(Data records)
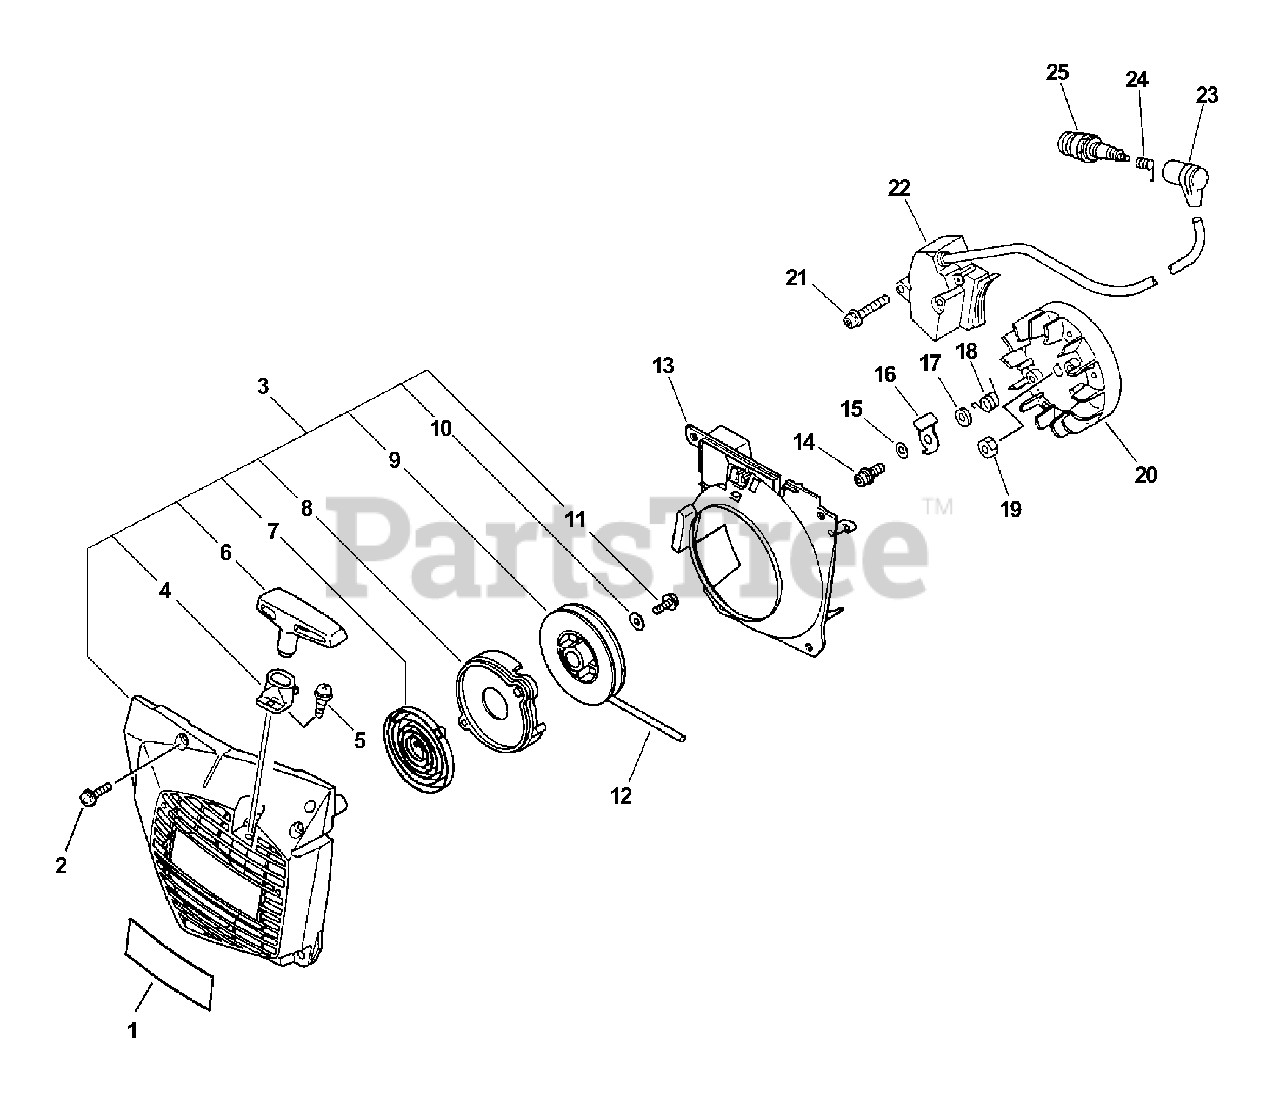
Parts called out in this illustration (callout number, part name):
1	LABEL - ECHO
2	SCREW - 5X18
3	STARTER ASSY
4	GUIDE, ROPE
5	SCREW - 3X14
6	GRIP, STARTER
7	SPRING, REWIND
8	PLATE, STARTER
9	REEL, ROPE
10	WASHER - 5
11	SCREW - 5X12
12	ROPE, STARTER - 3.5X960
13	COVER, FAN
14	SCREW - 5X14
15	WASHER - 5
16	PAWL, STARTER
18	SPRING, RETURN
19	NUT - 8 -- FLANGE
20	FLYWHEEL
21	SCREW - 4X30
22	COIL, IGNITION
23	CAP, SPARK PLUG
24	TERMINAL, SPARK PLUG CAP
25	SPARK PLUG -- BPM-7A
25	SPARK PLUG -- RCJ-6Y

--

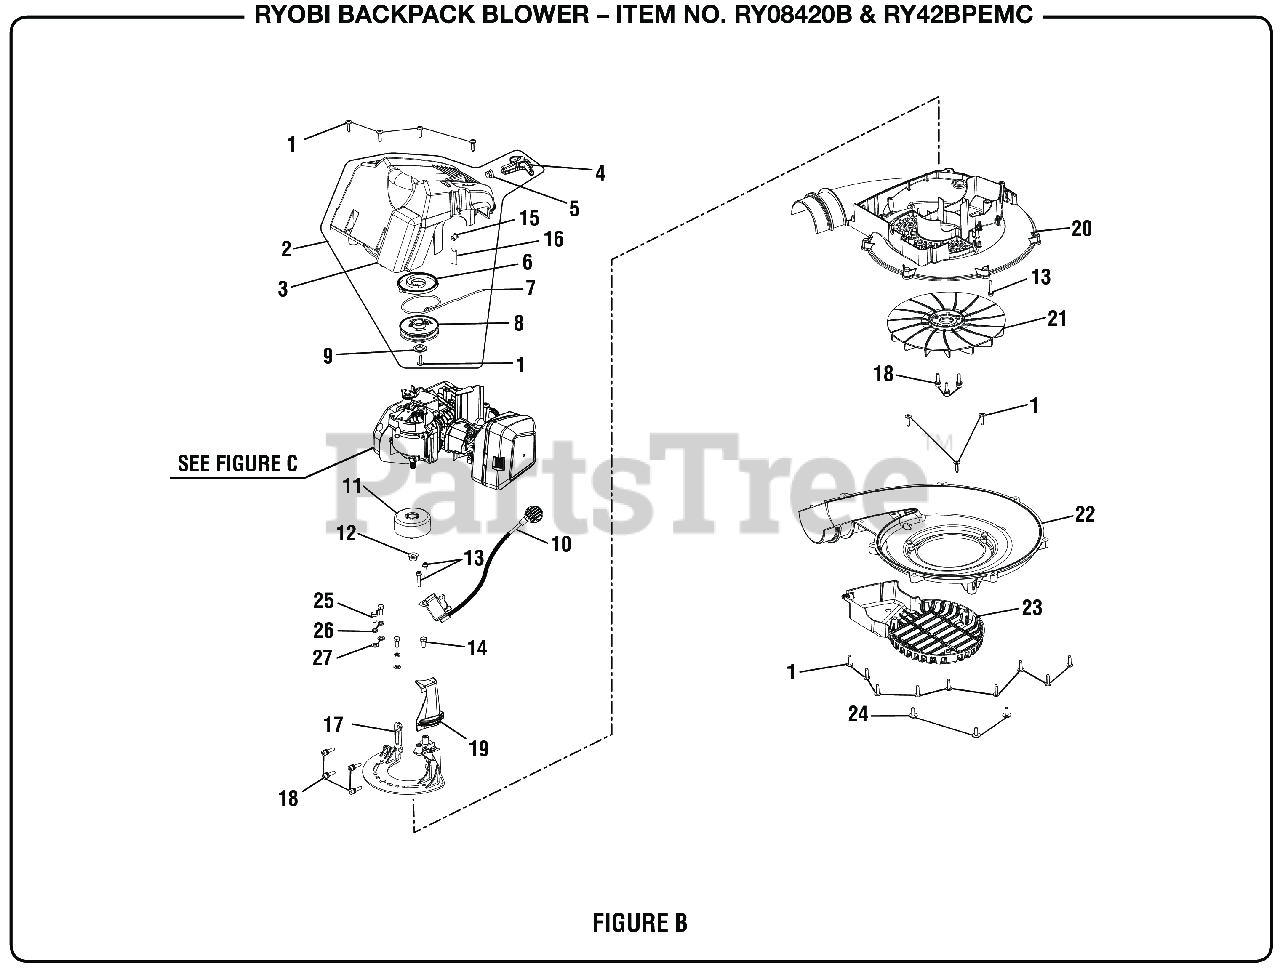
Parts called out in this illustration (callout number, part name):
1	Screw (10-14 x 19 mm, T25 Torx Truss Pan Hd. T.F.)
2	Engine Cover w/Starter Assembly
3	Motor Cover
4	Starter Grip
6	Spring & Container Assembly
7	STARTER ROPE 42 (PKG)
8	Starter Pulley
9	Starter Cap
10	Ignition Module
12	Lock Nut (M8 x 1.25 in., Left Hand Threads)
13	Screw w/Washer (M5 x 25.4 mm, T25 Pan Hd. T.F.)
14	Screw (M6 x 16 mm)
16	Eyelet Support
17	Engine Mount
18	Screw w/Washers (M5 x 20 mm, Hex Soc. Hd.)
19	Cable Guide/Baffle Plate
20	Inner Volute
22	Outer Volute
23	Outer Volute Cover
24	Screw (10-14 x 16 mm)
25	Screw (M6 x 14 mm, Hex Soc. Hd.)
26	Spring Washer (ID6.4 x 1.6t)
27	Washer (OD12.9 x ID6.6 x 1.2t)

WHAT IS BEING ASKED =
Copy out the lines above with "ROPE" in them.

RESPONSE =
4	GUIDE, ROPE
9	REEL, ROPE
12	ROPE, STARTER - 3.5X960
7	STARTER ROPE 42 (PKG)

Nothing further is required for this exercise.